Di tengah ketidakpastian ekonomi ini, Moody's juga memberikan penilaian terhadap Danantara (DIM) dengan rating Baa2 namun disertai dengan outlook negatif. Hal ini mencerminkan pandangan lembaga internasional terhadap risiko investasi di Indonesia yang kian meningkat.

Pemerintah sendiri tetap menjadwalkan pencairan gaji ke-13 bagi ASN dan penerima lainnya mulai 2 Juni 2026 sebagai upaya menjaga daya beli masyarakat.
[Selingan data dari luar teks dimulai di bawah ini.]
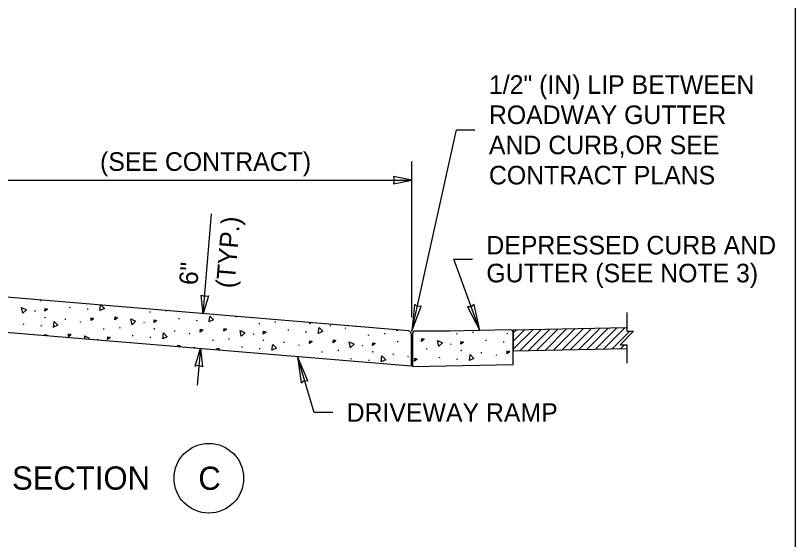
# Model space of a CAD drawing. Extents: x 99862 to 103151, y 100000 to 105076.
# Drawn here: x 102479 to 103151, y 100882 to 101333 of the extents above; entities that cross this region are included whole.
import ezdxf

# ---------------------------------------------------------------- set-up
doc = ezdxf.new("R2010")
doc.units = 0
for name, color, linetype in [('Level 1', 7, 'Continuous'), ('Level 13', 7, 'Continuous'), ('Level 15', 7, 'Continuous'), ('Level 20', 7, 'Continuous'), ('Level 48', 7, 'Continuous'), ('Level 6', 7, 'Continuous'), ('Level 7', 7, 'Continuous'), ('Level 9', 7, 'Continuous')]:
    doc.layers.add(name, color=color, linetype=linetype)

msp = doc.modelspace()

# ---------------------------------------------------------------- linework, layer by layer
at = {"layer": 'Level 1'}
msp.add_lwpolyline([(99862, 99999.5), (103151, 99999.5), (103151, 102075.5), (99862, 102075.5)], close=True, dxfattribs=at)
at = {"layer": 'Level 13'}
for p, q in [((102500.87, 101086.99), (102500.92, 101087.79)), ((102500.87, 101086.99), (102500.92, 101087.79)), ((102495.42, 101078.76), (102495.78, 101078.04)), ((102495.42, 101078.76), (102495.78, 101078.04)), ((102525.91, 101081.27), (102525.97, 101082.14)), ((102525.91, 101081.27), (102525.97, 101082.14)), ((102541.18, 101079.82), (102541.24, 101080.7)), ((102541.18, 101079.82), (102541.24, 101080.7)), ((102595, 101077.11), (102595.06, 101077.98)), ((102595, 101077.11), (102595.06, 101077.98)), ((102608.93, 101078.31), (102608.96, 101078.79)), ((102608.93, 101078.31), (102608.96, 101078.79)), ((102503.88, 101073.25), (102504.4, 101072.87)), ((102503.88, 101073.25), (102504.4, 101072.87)), ((102504.28, 101073.18), (102504.8, 101072.81)), ((102504.28, 101073.18), (102504.8, 101072.81)), ((102522.1, 101070.71), (102522.16, 101071.58)), ((102522.1, 101070.71), (102522.16, 101071.58)), ((102534.48, 101069.16), (102534.99, 101068.78)), ((102534.48, 101069.16), (102534.99, 101068.78)), ((102589.56, 101068.88), (102589.91, 101068.16)), ((102589.56, 101068.88), (102589.91, 101068.16)), ((102620.04, 101071.39), (102620.1, 101072.26)), ((102620.04, 101071.39), (102620.1, 101072.26)), ((102635.31, 101069.94), (102635.37, 101070.81)), ((102635.31, 101069.94), (102635.37, 101070.81)), ((102668.6, 101073.82), (102669.1, 101073.45)), ((102668.6, 101073.82), (102669.1, 101073.45)), ((102703.06, 101068.42), (102703.12, 101069.3)), ((102703.06, 101068.42), (102703.12, 101069.3)), ((102485.94, 101066.72), (102486, 101067.6)), ((102485.94, 101066.72), (102486, 101067.6)), ((102501.21, 101065.28), (102501.27, 101066.15)), ((102501.21, 101065.28), (102501.27, 101066.15)), ((102555.02, 101062.56), (102555.09, 101063.43)), ((102555.02, 101062.56), (102555.09, 101063.43)), ((102568.95, 101063.76), (102569.01, 101064.63)), ((102568.95, 101063.76), (102569.01, 101064.63)), ((102598.01, 101063.37), (102598.53, 101062.99)), ((102598.01, 101063.37), (102598.53, 101062.99)), ((102598.42, 101063.3), (102598.93, 101062.92)), ((102598.42, 101063.3), (102598.93, 101062.92)), ((102689.13, 101067.23), (102689.19, 101068.1)), ((102689.13, 101067.23), (102689.19, 101068.1)), ((102714.17, 101061.51), (102714.24, 101062.38)), ((102714.17, 101061.51), (102714.24, 101062.38)), ((102732.12, 101068.04), (102732.63, 101067.66)), ((102732.12, 101068.04), (102732.63, 101067.66)), ((102732.52, 101067.97), (102733.04, 101067.59)), ((102732.52, 101067.97), (102733.04, 101067.59)), ((102750.34, 101065.49), (102750.4, 101066.36)), ((102750.34, 101065.49), (102750.4, 101066.36)), ((102762.71, 101063.95), (102763.23, 101063.57)), ((102762.71, 101063.95), (102763.23, 101063.57)), ((102580.07, 101056.84), (102580.13, 101057.71)), ((102580.07, 101056.84), (102580.13, 101057.71)), ((102595.34, 101055.39), (102595.4, 101056.27)), ((102595.34, 101055.39), (102595.4, 101056.27)), ((102616.23, 101060.82), (102616.29, 101061.7)), ((102616.23, 101060.82), (102616.29, 101061.7)), ((102628.61, 101059.28), (102629.12, 101058.9)), ((102628.61, 101059.28), (102629.12, 101058.9)), ((102683.69, 101059), (102684.04, 101058.28)), ((102683.69, 101059), (102684.04, 101058.28)), ((102729.44, 101060.06), (102729.5, 101060.93)), ((102729.44, 101060.06), (102729.5, 101060.93)), ((102783.26, 101057.35), (102783.32, 101058.22)), ((102783.26, 101057.35), (102783.32, 101058.22)), ((102797.19, 101058.54), (102797.25, 101059.41)), ((102797.19, 101058.54), (102797.25, 101059.41)), ((102859.34, 101058.49), (102859.4, 101059.36)), ((102859.34, 101058.49), (102859.4, 101059.36)), ((102873.27, 101059.68), (102873.33, 101060.56)), ((102873.27, 101059.68), (102873.33, 101060.56)), ((102902.33, 101059.3), (102902.85, 101058.92)), ((102902.33, 101059.3), (102902.85, 101058.92)), ((102902.73, 101059.23), (102903.25, 101058.85)), ((102902.73, 101059.23), (102903.25, 101058.85)), ((102549.58, 101054.33), (102549.89, 101053.71)), ((102549.58, 101054.33), (102549.89, 101053.71)), ((102649.16, 101052.68), (102649.22, 101053.55)), ((102649.16, 101052.68), (102649.22, 101053.55)), ((102663.09, 101053.87), (102663.15, 101054.75)), ((102663.09, 101053.87), (102663.15, 101054.75)), ((102692.14, 101053.49), (102692.66, 101053.11)), ((102692.14, 101053.49), (102692.66, 101053.11)), ((102692.55, 101053.42), (102693.06, 101053.04)), ((102692.55, 101053.42), (102693.06, 101053.04)), ((102710.37, 101050.94), (102710.43, 101051.81)), ((102710.37, 101050.94), (102710.43, 101051.81)), ((102722.74, 101049.4), (102723.26, 101049.02)), ((102722.74, 101049.4), (102723.26, 101049.02)), ((102777.82, 101049.12), (102778.18, 101048.4)), ((102777.82, 101049.12), (102778.18, 101048.4)), ((102808.31, 101051.62), (102808.37, 101052.5)), ((102808.31, 101051.62), (102808.37, 101052.5)), ((102853.9, 101050.26), (102854.26, 101049.54)), ((102853.9, 101050.26), (102854.26, 101049.54)), ((102884.39, 101052.77), (102884.45, 101053.64)), ((102884.39, 101052.77), (102884.45, 101053.64)), ((102899.66, 101051.32), (102899.72, 101052.19)), ((102899.66, 101051.32), (102899.72, 101052.19)), ((102674.2, 101046.96), (102674.26, 101047.83)), ((102674.2, 101046.96), (102674.26, 101047.83)), ((102689.47, 101045.51), (102689.53, 101046.38)), ((102689.47, 101045.51), (102689.53, 101046.38)), ((102743.29, 101042.8), (102743.35, 101043.67)), ((102743.29, 101042.8), (102743.35, 101043.67)), ((102757.22, 101043.99), (102757.28, 101044.86)), ((102757.22, 101043.99), (102757.28, 101044.86)), ((102786.28, 101043.61), (102786.79, 101043.23)), ((102786.28, 101043.61), (102786.79, 101043.23)), ((102786.68, 101043.54), (102787.2, 101043.16)), ((102786.68, 101043.54), (102787.2, 101043.16)), ((102804.5, 101041.06), (102804.56, 101041.93)), ((102804.5, 101041.06), (102804.56, 101041.93)), ((102833.3, 101045.14), (102833.36, 101046.01)), ((102833.3, 101045.14), (102833.36, 101046.01)), ((102862.36, 101044.75), (102862.87, 101044.37)), ((102862.36, 101044.75), (102862.87, 101044.37)), ((102862.76, 101044.68), (102863.28, 101044.3)), ((102862.76, 101044.68), (102863.28, 101044.3)), ((102880.58, 101042.2), (102880.64, 101043.08)), ((102880.58, 101042.2), (102880.64, 101043.08)), ((102768.33, 101037.08), (102768.39, 101037.95)), ((102768.33, 101037.08), (102768.39, 101037.95)), ((102783.6, 101035.63), (102783.66, 101036.5)), ((102783.6, 101035.63), (102783.66, 101036.5)), ((102816.87, 101039.52), (102817.39, 101039.14)), ((102816.87, 101039.52), (102817.39, 101039.14)), ((102844.42, 101038.22), (102844.48, 101039.09)), ((102844.42, 101038.22), (102844.48, 101039.09)), ((102859.68, 101036.77), (102859.74, 101037.64)), ((102859.68, 101036.77), (102859.74, 101037.64)), ((102892.95, 101040.66), (102893.47, 101040.28)), ((102892.95, 101040.66), (102893.47, 101040.28))]:
    msp.add_line(p, q, dxfattribs=at)
for points in [[(102551.63, 101078.9), (102552.27, 101083.51)], [(102551.63, 101078.9), (102552.27, 101083.51)], [(102552.83, 101083.46), (102555.51, 101080.69), (102551.71, 101078.93)], [(102552.83, 101083.46), (102555.51, 101080.69), (102551.71, 101078.93)], [(102485.29, 101076.47), (102484.21, 101081.48), (102488.33, 101079.48), (102485.36, 101076.53)], [(102485.29, 101076.47), (102484.21, 101081.48), (102488.33, 101079.48), (102485.36, 101076.53)], [(102504.22, 101078.29), (102504.46, 101080.74), (102506.59, 101080.1), (102504.22, 101078.29)], [(102504.22, 101078.29), (102504.46, 101080.74), (102506.59, 101080.1), (102504.22, 101078.29)], [(102511.66, 101064.35), (102512.36, 101069.43), (102515.54, 101066.15), (102511.74, 101064.38)], [(102511.66, 101064.35), (102512.36, 101069.43), (102515.54, 101066.15), (102511.74, 101064.38)], [(102544.03, 101070.18), (102544.27, 101072.63), (102546.39, 101071.99), (102544.03, 101070.18)], [(102544.03, 101070.18), (102544.27, 101072.63), (102546.39, 101071.99), (102544.03, 101070.18)], [(102564.49, 101070.88), (102564.73, 101073.33), (102566.86, 101072.68), (102564.49, 101070.88)], [(102564.49, 101070.88), (102564.73, 101073.33), (102566.86, 101072.68), (102564.49, 101070.88)], [(102579.42, 101066.59), (102578.35, 101071.6), (102582.46, 101069.6), (102579.49, 101066.65)], [(102579.42, 101066.59), (102578.35, 101071.6), (102582.46, 101069.6), (102579.49, 101066.65)], [(102598.35, 101068.41), (102598.59, 101070.86), (102600.72, 101070.22), (102598.35, 101068.41)], [(102598.35, 101068.41), (102598.59, 101070.86), (102600.72, 101070.22), (102598.35, 101068.41)], [(102645.76, 101069.02), (102646.46, 101074.1), (102649.64, 101070.81), (102645.84, 101069.05)], [(102645.76, 101069.02), (102646.46, 101074.1), (102649.64, 101070.81), (102645.84, 101069.05)], [(102638.16, 101060.3), (102638.4, 101062.75), (102640.53, 101062.11), (102638.16, 101060.3)], [(102638.16, 101060.3), (102638.4, 101062.75), (102640.53, 101062.11), (102638.16, 101060.3)], [(102658.62, 101060.99), (102658.87, 101063.44), (102660.99, 101062.8), (102658.62, 101060.99)], [(102658.62, 101060.99), (102658.87, 101063.44), (102660.99, 101062.8), (102658.62, 101060.99)], [(102739.89, 101059.14), (102740.6, 101064.21), (102743.78, 101060.93), (102739.98, 101059.17)], [(102739.89, 101059.14), (102740.6, 101064.21), (102743.78, 101060.93), (102739.98, 101059.17)], [(102772.26, 101064.97), (102772.28, 101065.18)], [(102772.26, 101064.97), (102772.28, 101065.18)], [(102772.51, 101065.16), (102772.26, 101064.97)], [(102772.51, 101065.16), (102772.26, 101064.97)], [(102807.66, 101061.37), (102807.47, 101062.24)], [(102807.66, 101061.37), (102807.47, 101062.24)], [(102808.46, 101062.16), (102807.72, 101061.43)], [(102808.46, 101062.16), (102807.72, 101061.43)], [(102504.24, 101057.51), (102504.3, 101058.08), (102506.42, 101057.44), (102506.29, 101057.34)], [(102504.24, 101057.51), (102504.3, 101058.08), (102506.42, 101057.44), (102506.29, 101057.34)], [(102524.52, 101056.33), (102524.76, 101058.78), (102526.89, 101058.13), (102524.52, 101056.33)], [(102524.52, 101056.33), (102524.76, 101058.78), (102526.89, 101058.13), (102524.52, 101056.33)], [(102538.89, 101054.62), (102538.37, 101057.05), (102542.48, 101055.05), (102541.81, 101054.38)], [(102538.89, 101054.62), (102538.37, 101057.05), (102542.48, 101055.05), (102541.81, 101054.38)], [(102558.38, 101053.86), (102558.62, 101056.31), (102560.75, 101055.67), (102558.38, 101053.86)], [(102558.38, 101053.86), (102558.62, 101056.31), (102560.75, 101055.67), (102558.38, 101053.86)], [(102605.79, 101054.47), (102606.49, 101059.55), (102609.67, 101056.26), (102605.87, 101054.5)], [(102605.79, 101054.47), (102606.49, 101059.55), (102609.67, 101056.26), (102605.87, 101054.5)], [(102673.55, 101056.71), (102672.48, 101061.72), (102676.59, 101059.72), (102673.62, 101056.76)], [(102673.55, 101056.71), (102672.48, 101061.72), (102676.59, 101059.72), (102673.62, 101056.76)], [(102692.48, 101058.53), (102692.73, 101060.98), (102694.85, 101060.33), (102692.48, 101058.53)], [(102692.48, 101058.53), (102692.73, 101060.98), (102694.85, 101060.33), (102692.48, 101058.53)], [(102618.8, 101047.97), (102618.89, 101048.9), (102621.02, 101048.25), (102620.46, 101047.83)], [(102618.8, 101047.97), (102618.89, 101048.9), (102621.02, 101048.25), (102620.46, 101047.83)], [(102699.92, 101044.59), (102700.62, 101049.66), (102703.8, 101046.38), (102700, 101044.62)], [(102699.92, 101044.59), (102700.62, 101049.66), (102703.8, 101046.38), (102700, 101044.62)], [(102732.29, 101050.42), (102732.53, 101052.87), (102734.66, 101052.22), (102732.29, 101050.42)], [(102732.29, 101050.42), (102732.53, 101052.87), (102734.66, 101052.22), (102732.29, 101050.42)], [(102752.76, 101051.11), (102753, 101053.56), (102755.12, 101052.92), (102752.76, 101051.11)], [(102752.76, 101051.11), (102753, 101053.56), (102755.12, 101052.92), (102752.76, 101051.11)], [(102767.68, 101046.82), (102766.61, 101051.83), (102770.72, 101049.84), (102767.75, 101046.88)], [(102767.68, 101046.82), (102766.61, 101051.83), (102770.72, 101049.84), (102767.75, 101046.88)], [(102786.62, 101048.64), (102786.86, 101051.09), (102788.98, 101050.45), (102786.62, 101048.64)], [(102786.62, 101048.64), (102786.86, 101051.09), (102788.98, 101050.45), (102786.62, 101048.64)], [(102828.84, 101052.25), (102829.08, 101054.71), (102831.2, 101054.06), (102828.84, 101052.25)], [(102828.84, 101052.25), (102829.08, 101054.71), (102831.2, 101054.06), (102828.84, 101052.25)], [(102843.76, 101047.97), (102842.69, 101052.98), (102846.8, 101050.98), (102843.83, 101048.02)], [(102843.76, 101047.97), (102842.69, 101052.98), (102846.8, 101050.98), (102843.83, 101048.02)], [(102862.7, 101049.79), (102862.94, 101052.24), (102865.06, 101051.59), (102862.7, 101049.79)], [(102862.7, 101049.79), (102862.94, 101052.24), (102865.06, 101051.59), (102862.7, 101049.79)], [(102632.58, 101046.82), (102632.51, 101047.17), (102633.36, 101046.75)], [(102632.58, 101046.82), (102632.51, 101047.17), (102633.36, 101046.75)], [(102652.63, 101045.15), (102652.75, 101046.43), (102654.88, 101045.78), (102653.9, 101045.04)], [(102652.63, 101045.15), (102652.75, 101046.43), (102654.88, 101045.78), (102653.9, 101045.04)], [(102902.5, 101041.68), (102902.75, 101044.13), (102904.87, 101043.49), (102902.5, 101041.68)], [(102902.5, 101041.68), (102902.75, 101044.13), (102904.87, 101043.49), (102902.5, 101041.68)], [(102794.05, 101034.71), (102794.76, 101039.78), (102797.94, 101036.5), (102794.14, 101034.74)], [(102794.05, 101034.71), (102794.76, 101039.78), (102797.94, 101036.5), (102794.14, 101034.74)], [(102822.73, 101035.24), (102822.97, 101037.69), (102825.09, 101037.05), (102822.73, 101035.24)], [(102822.73, 101035.24), (102822.97, 101037.69), (102825.09, 101037.05), (102822.73, 101035.24)], [(102870.13, 101035.85), (102870.84, 101040.93), (102874.02, 101037.64), (102870.22, 101035.88)], [(102870.13, 101035.85), (102870.84, 101040.93), (102874.02, 101037.64), (102870.22, 101035.88)]]:
    msp.add_lwpolyline(points, dxfattribs=at)
at = {"layer": 'Level 15'}
for p, q in [((102820.4, 101061.17), (102858.89, 101234.47)), ((102858.89, 101234.47), (102874.89, 101234.47)), ((102820.4, 101073.17), (102820.4, 101207.17)), ((102820.4, 101073.17), (102820.4, 101207.17)), ((102460.4, 101191.17), (102820.4, 101191.17)), ((102460.4, 101191.17), (102820.4, 101191.17)), ((102640.76, 101076.14), (102647.93, 101162.21)), ((102640.76, 101076.14), (102647.93, 101162.21)), ((102856.71, 101123.14), (102872.71, 101123.14)), ((102879.12, 101061.69), (102856.71, 101123.14)), ((102856.71, 101123.14), (102872.71, 101123.14)), ((102879.12, 101061.69), (102856.71, 101123.14)), ((102907.9, 101062.27), (103005.73, 101064.22)), ((102907.9, 101062.27), (102907.9, 101044.27)), ((102638.27, 101046.34), (102635.62, 101014.45)), ((102638.27, 101046.34), (102635.62, 101014.45)), ((102907.9, 101044.27), (103005.73, 101046.22)), ((102736.32, 100991.05), (102721.83, 101039.38)), ((102736.32, 100991.05), (102721.83, 101039.38)), ((102752.32, 100991.05), (102736.32, 100991.05)), ((102752.32, 100991.05), (102736.32, 100991.05))]:
    msp.add_line(p, q, dxfattribs=at)
for points in [[(102820.4, 101191.17), (102804.67, 101194.25), (102805.4, 101191.17), (102804.67, 101188.08)], [(102820.4, 101191.17), (102804.67, 101194.25), (102805.4, 101191.17), (102804.67, 101188.08)], [(102640.76, 101076.14), (102638.99, 101092.06), (102642, 101091.08), (102645.14, 101091.55)], [(102640.76, 101076.14), (102638.99, 101092.06), (102642, 101091.08), (102645.14, 101091.55)], [(102820.4, 101061.17), (102828.55, 101082.7), (102825.4, 101082.36), (102822.74, 101084.07)], [(102879.13, 101061.69), (102874.16, 101084.17), (102871.72, 101082.16), (102868.55, 101082.14)], [(102638.27, 101046.34), (102640.04, 101030.41), (102637.03, 101031.39), (102633.9, 101030.92)], [(102638.27, 101046.34), (102640.04, 101030.41), (102637.03, 101031.39), (102633.9, 101030.92)], [(102721.83, 101039.38), (102725.24, 101016.61), (102727.82, 101018.45), (102730.98, 101018.25)], [(102721.83, 101039.38), (102725.24, 101016.61), (102727.82, 101018.45), (102730.98, 101018.25)]]:
    msp.add_lwpolyline(points, close=True, dxfattribs=at)
msp.add_lwpolyline([(103005.73, 101077.03), (103005.73, 101061.03), (103011.54, 101061.03), (102999.92, 101049.42), (103005.73, 101049.42), (103005.73, 101033.42)], dxfattribs=at)
msp.add_lwpolyline([(103005.73, 101077.03), (103005.73, 101061.03), (103011.54, 101061.03), (102999.92, 101049.42), (103005.73, 101049.42), (103005.73, 101033.42)], dxfattribs=at)
at = {"layer": 'Level 48'}
for p, q in [((102907.9, 101045.48), (102925.03, 101062.61)), ((102907.9, 101052.55), (102917.81, 101062.46)), ((102907.9, 101059.62), (102910.6, 101062.32)), ((102913.87, 101044.39), (102932.24, 101062.75)), ((102921.09, 101044.53), (102939.46, 101062.9)), ((102928.3, 101044.67), (102946.67, 101063.04)), ((102935.52, 101044.82), (102953.89, 101063.19)), ((102942.74, 101044.96), (102961.1, 101063.33)), ((102949.95, 101045.11), (102968.32, 101063.47)), ((102957.17, 101045.25), (102975.53, 101063.62)), ((102964.38, 101045.4), (102982.75, 101063.76)), ((102971.6, 101045.54), (102989.96, 101063.91)), ((102978.81, 101045.68), (102997.18, 101064.05)), ((102986.03, 101045.83), (103004.39, 101064.2)), ((102993.24, 101045.97), (103008.3, 101061.03)), ((103000.46, 101046.12), (103003.76, 101049.42))]:
    msp.add_line(p, q, dxfattribs=at)
at = {"layer": 'Level 6'}
for p, q in [((102907.9, 101062.27), (103005.73, 101064.22)), ((102907.9, 101044.27), (103005.73, 101046.22))]:
    msp.add_line(p, q, dxfattribs=at)
at = {"layer": 'Level 7'}
for p, q in [((102817.48, 101061.41), (102464.04, 101090.86)), ((102817.48, 101061.41), (102464.04, 101090.86)), ((102905.35, 101062.21), (102852.9, 101061.17)), ((102905.35, 101062.21), (102852.9, 101061.17)), ((102460.4, 101061.17), (102819.77, 101031.22)), ((102460.4, 101061.17), (102819.77, 101031.22)), ((102819.77, 101058.92), (102819.77, 101031.22)), ((102819.77, 101058.92), (102819.77, 101031.22)), ((102821.02, 101058.67), (102821.02, 101030.53)), ((102821.02, 101058.67), (102821.02, 101030.53)), ((102852.9, 101061.17), (102823.52, 101061.17)), ((102852.9, 101061.17), (102823.52, 101061.17)), ((102907.9, 101032.27), (102907.9, 101059.72)), ((102907.9, 101032.27), (102907.9, 101059.72)), ((102821.02, 101030.53), (102907.9, 101032.27)), ((102821.02, 101030.53), (102907.9, 101032.27))]:
    msp.add_line(p, q, dxfattribs=at)
for centre, start, end in [((102905.4, 101059.72), 0, 91.14576), ((102905.4, 101059.72), 0, 91.14576), ((102817.27, 101058.92), 0, 85.23636), ((102817.27, 101058.92), 0, 85.23636), ((102823.52, 101058.67), 90, 180), ((102823.52, 101058.67), 90, 180)]:
    msp.add_arc(centre, 2.5, start, end, dxfattribs=at)
at = {"layer": 'Level 9'}
msp.add_circle((102645.57, 100934.39), 30, dxfattribs=at)
msp.add_circle((102645.57, 100934.39), 30, dxfattribs=at)

# ---------------------------------------------------------------- texts
at = {"layer": 'Level 20'}
for s, height, p in [('1/2" (IN) LIP BETWEEN', 16, (102886.91, 101265.47)), ('ROADWAY GUTTER', 16, (102886.91, 101239.47)), ('AND CURB,OR SEE', 16, (102886.91, 101213.47)), ('(SEE CONTRACT)', 16, (102551.8, 101199.17)), ('CONTRACT PLANS', 16, (102886.91, 101187.47)), ('DEPRESSED CURB AND', 16, (102884.71, 101127.14)), ('GUTTER (SEE NOTE 3)', 16, (102884.71, 101103.14)), ('SECTION', 20, (102475.99, 100924.57)), ('C', 20, (102636.52, 100924.39)), ('C', 20, (102636.52, 100924.39))]:
    msp.add_text(s, height=height, dxfattribs=at).set_placement(p)
for s, rotation, p in [('(TYP.)', 85.23636, (102667.59, 101097.63)), ('6"', 85.23636, (102635.7, 101100.28)), ('DRIVEWAY RAMP ', 360, (102764.31, 100983.05))]:
    msp.add_text(s, height=16, rotation=rotation, dxfattribs=at).set_placement(p)

doc.saveas('drawing.dxf')

Meski demikian, langkah ini belum cukup kuat untuk membendung sentimen negatif yang menghantam lantai bursa secara bertubi-tubi.

Para analis memprediksi IHSG masih berpotensi melanjutkan tren koreksinya jika tidak ada intervensi atau kabar positif yang signifikan. Investor disarankan untuk tetap waspada dan mencermati setiap perubahan kebijakan pemerintah serta pergerakan kurs Rupiah yang masih sangat fluktuatif.